Starting point is 00:15:04 Arrow certainly helps, but there's dumb things like the servers that do those things are in different clouds. And the interchange fee, what do you call them interchange fees? Ingress charges. Ingress fees are expensive. They're criminal. They're not just expensive. They're ridiculous. Right.

Starting point is 00:15:21 As more people do this, it's going to become smoother. They're going to become more localized. At the end of the day, there's a reason why you've got multiple languages, and it's not because one is turning complete and the other isn't. And the reason is, is because people build their entire workflow around languages and all of the tools. And so you're going to have a heterogeneous, fragmented system. So therefore, you do need to have open interfaces. Bob?
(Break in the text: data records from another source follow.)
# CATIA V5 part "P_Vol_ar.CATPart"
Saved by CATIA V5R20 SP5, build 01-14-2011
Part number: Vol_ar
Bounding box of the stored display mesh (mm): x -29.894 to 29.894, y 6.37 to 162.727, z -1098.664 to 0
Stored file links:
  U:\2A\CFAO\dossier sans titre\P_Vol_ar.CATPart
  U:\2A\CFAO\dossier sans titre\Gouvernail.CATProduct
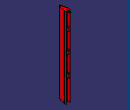
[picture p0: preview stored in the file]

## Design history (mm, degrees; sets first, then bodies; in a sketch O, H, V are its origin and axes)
External parameters (linked from other documents)
  External.Larg_Totale = 450 mm
  External.Long_Total = 1100 mm
Set1
  Point1 to Point5: linked copy from another document
Set2
  Plane1: type OffsetPt, RefPlane zx-plane, RefPoint Point2
  Plane2: type Offset, RefPlane Plane1, Offset 40 {= (40/450)*External.Larg_Totale}, reversed
  Plane3: type Offset, RefPlane xy-plane, Offset 215 {= External.Long_Total /4-60mm}, reversed
Body1 (main body)
  Sketch1 "Esquisse_trans" on xy-plane, origin (0, 0, 0), H (1, 0, 0), V (0, 1, 0)
    axis line L1 (0, 419.9562) -> (0, -126.2595)
    construction arc A1 centre (0, 415) radius 35 from (-34.4998, 420.8959) to (34.4998, 420.8959) cw
    point P3 (0, 415)
    reference projected point E1 (0, 450) from Point1
    construction arc A2 centre (-803.3534, 277.7108) radius 850 from (34.4998, 420.8959) to (0, 0) cw
    construction arc A3 centre (803.3534, 277.7108) radius 850 from (-34.4998, 420.8959) to (0, 0) ccw
    point P8 (-29.2898, 106.8153)
    point P9 (29.2898, 106.8153)
    arc A4 centre (-803.3534, 277.7108) radius 850 from (2.8454, 8.3719) to (29.2898, 106.8153) ccw
    point P11 (29.2898, 106.8153)
    point P12 (22.3611, 75.9796)
    arc A5 centre (803.3534, 277.7108) radius 850 from (-29.2898, 106.8153) to (-2.8454, 8.3719) ccw
    point P14 (-29.2898, 106.8153)
    point P15 (0, 0)
    reference projected point E2 (0, 0) from Point3
    arc A6 centre (0, 9.3225) radius 3 from (2.8454, 8.3719) to (-2.8454, 8.3719) cw
    arc A7 centre (0, 112.8269) radius 29.9004 from (29.2898, 106.8153) to (-29.2898, 106.8153) ccw
    point P19 (0, 112.8269)
    point P20 (29.2898, 106.8153)
    point P21 (-29.2898, 106.8153)
    reference projected point E3 (0, 142.7273) from Point2
    radius A2 = 850 {= (850/450)*External.Larg_Totale}
    radius A3 = 850 {= (850/450)*External.Larg_Totale}
    radius A1 = 35 {= (35/450)*External.Larg_Totale}
    radius A6 = 3
    coincidence: L1 V, P3 L1, A1 E1, P8 A3, P9 A2, P11 A2, A4 P12, P12 A2, P9 P11, P14 A3, P15 E2, A5 A3, O P15, P8 P14, A4 O, A5 P15, P20 A2, P21 A3, P19 L1, A7 E3, P20 P9, P21 P8
    tangency: A2 A1, A3 A1, A6 A4, A6 A5, A7 A4
  Sketch2 "Esquisse_long" on yz-plane, origin (0, 0, 0), H (0, 1, 0), V (0, 0, 1)
    point P1 (0, -1098.6638)
    line L1 (0, -1098.6638) -> (0, 0)
    line L2 (0, 0) -> (142.7273, 0)
    point P2 (142.7273, 0)
    line L3 (142.7273, 0) -> (142.7273, -1098.6638)
    line L4 (0, -1098.6638) -> (142.7273, -1098.6638)
    reference projected point E1 (142.7273, 0) from Point2
    coincidence: P1 V, P2 E1
    vertical: L1 V, L3 V
    horizontal: L2 H, L4 H
    perpendicularity: L4 L3, L2 L3
  SolidCombine1: FirstComponentDirection Sketch1, FirstComponentProfile Sketch1, SecondComponentDirection Sketch2, SecondComponentProfile Sketch2
  Sketch3 on Plane1, origin (0, 142.7273, 0), H (-1, 0, 0), V (0, 0, 1)
    line L1 (-5, 0) -> (5, 0)
    line L2 (5, 0) -> (5, -10)
    line L3 (5, -10) -> (-5, -10)
    line L4 (-5, 0) -> (-5, -10)
    length L1 = 10
    distance L2 V = 5 {= Sketch3.length(L1) /2}
    length L2 = 10
    horizontal: L1 H, L3 H
    vertical: L2 V, L4 V
    coincidence: L1 H
  Pad1 "Extrusion_bras_ar": profile Sketch3, direction (0, 1, 0), length 20 {= (20/450)*External.Larg_Totale}, opposite side length 2
  Sketch4 on Plane1, origin (0, 142.7273, 0), H (-1, 0, 0), V (0, 0, 1)
    line L1 (-4, -1) -> (4, -1)
    line L2 (4, -1) -> (4, -9)
    line L3 (4, -9) -> (-4, -9)
    line L4 (-4, -9) -> (-4, -1)
    length L2 = 8
    length L1 = 8
    distance L4 V = 4 {= Sketch4.length(L1) /2}
    distance L1 H = 1
    horizontal: L1 H, L3 H
    vertical: L2 V, L4 V
  Pocket1 "Poche_bras_ar": profile Sketch4, direction (0, -1, 0), length 40, opposite side length 20 {= (20/450)*External.Larg_Totale}
  Sketch5 on Plane1, origin (0, 142.7273, 0), H (-1, 0, 0), V (0, 0, 1)
    line L1 (-25, -15) -> (25, -15)
    line L2 (25, -15) -> (25, -1100)
    line L3 (25, -1100) -> (-25, -1100)
    line L4 (-25, -1100) -> (-25, -15)
    reference projected point E1 (0, -1100) from Point4
    distance L1 H = 15
    distance L2 V = 25 {= Sketch5.length(L1) /2}
    length L1 = 50
    horizontal: L1 H, L3 H
    vertical: L2 V, L4 V
    coincidence: L3 E1
  Pocket2 "Poche_rainure": profile Sketch5, direction (0, -1, 0), length 45 {= (45/450)*External.Larg_Totale}
  Sketch6 on Plane2, origin (0, 102.7273, 0), H (-1, 0, 0), V (0, 0, 1)
    circle A1 centre (0, -215) radius 12
    point P1 (0, -215)
    distance P1 H = 215 {= External.Long_Total /4-60mm}
    radius A1 = 12
    coincidence: P1 V
  Pad2 "Extrusion_charniere_1": profile Sketch6, direction (0, 1, 0), length 25 {= (25/450)*External.Larg_Totale}
  Sketch7 on Plane3, origin (0, 0, -215), H (1, 0, 0), V (0, 1, 0)
    circle A1 centre (0, 122.7273) radius 15
    point P1 (0, 122.7273)
    reference projected point E1 (0, 122.7273) from Point5
    radius A1 = 15
    coincidence: P1 E1
  Pad3 "Extrusion_charniere_2": profile Sketch7, direction (0, 0, -1), length 30, opposite side length 20
  Sketch8 on end face of Pad3, origin (0, 122.7273, -245), H (1, 0, 0), V (0, -1, 0)
    point P1 (0, 0)
  Hole1 "Trou_charniere": placed by Sketch8, at (0, 122.7273, -245) direction (0, 0, 1), diameter 8, depth 30
  Fillet1 "Congé_charniere": radius 3, on face of Pad3 from Sketch7.A1; face of Pad2 from Sketch6.A1; face of Hole1
  RectPattern1: of Pad2, Sketch6, Pad3, Sketch7, Hole1, Fillet1, direction 1 instances 3, spacing 275 {= External.Long_Total /4}, along Z axis reversed

Starting point is 00:15:43 I'm a big believer at this time in the approach of having multiple systems that interact with common formats. Arrow is a huge step forward for that, not just because it's an efficient format, but because it provides a consistent in-memory layout for people to do advanced analytics in their spark environment. And it's the way the world is working right now because most customers actually have a data warehouse and an analytics platform separately, and they are connecting them together. Now, I'm the radical, however, I'm going to continue to be the ultimate radical and declare that the approach that we're taking today in terms of machine learning is still roughly the approach of the internal combustion engine in the automobile. And the approach that's happening where arrow ties together those predictive systems together with declarative databases, that's really the creation. of the hybrid or sort of the Prius era, hybrid will dominate for the next, say, three to five years,

Starting point is 00:16:36 and you will see hybrid systems being built by every major vendor. And so all of them will have a full predictive stack and a full declarative relational SQL stack built in using some kind of interface like that. But that's only until relational actually solves the broader set of problem. Does that mean that you'll be using SQL functions, predict X? No. Ironically, I think that while SQL will dominate well into the 2030s for doing data modeling and data transformation, there's another step beyond that, which is business modeling.

Starting point is 00:17:10 And that needs to be represented in a knowledge graph. Knowledge graphs are how we'll do predictive analytics in the 2030s. And what needs to happen is a whole new generation of data system that's based on relational knowledge graphs to create that. Michelle, you brought up a term earlier that I wanted to follow up on, which is data mesh. And I wonder if you could define that briefly for everyone, because similar to data lakes versus data warehouses, there's a question whether going forward that's more of a historical phenomenon or an actual good architecture that we want to continue. Data mesh is really a concept of decentralizing the data processing and the ETL and analytics into each individual business unit and then having some sort of unifying solution at the top. And to do this forward, for having specialized data teams, having specialized roles, having infrastructure as a service available to them for data processing, and then having some sort of overarching

Starting point is 00:18:07 standards for it, almost like a federation of data engineers, to ensure that all of your ETL is consistent, so that as you are trying to do data retrieval and some sort of common query tool, you'll have that familiarity that you need. We are going to see things like Arrow really come to the forefront. Sooner, rather than later, I think customers are going to demand because of all of the challenges that we're currently having. You've got all the cost of the storage and the processing. Your teams that are trying to do the processing don't have the distant context that they need. And so as a result, you have this back and forth, a lot of wasted time,

Starting point is 00:18:41 got a lot of data quality errors in the data multiple times. And so ultimately, we really want to take that body of knowledge and put the technology where that body of knowledge lives. The data mesh is an attempt to do that. One part of what the data mesh folks are talking about is how to organize and how to structure a team to manage data across a large enterprise with very disparate and important data sources. That's very, very important.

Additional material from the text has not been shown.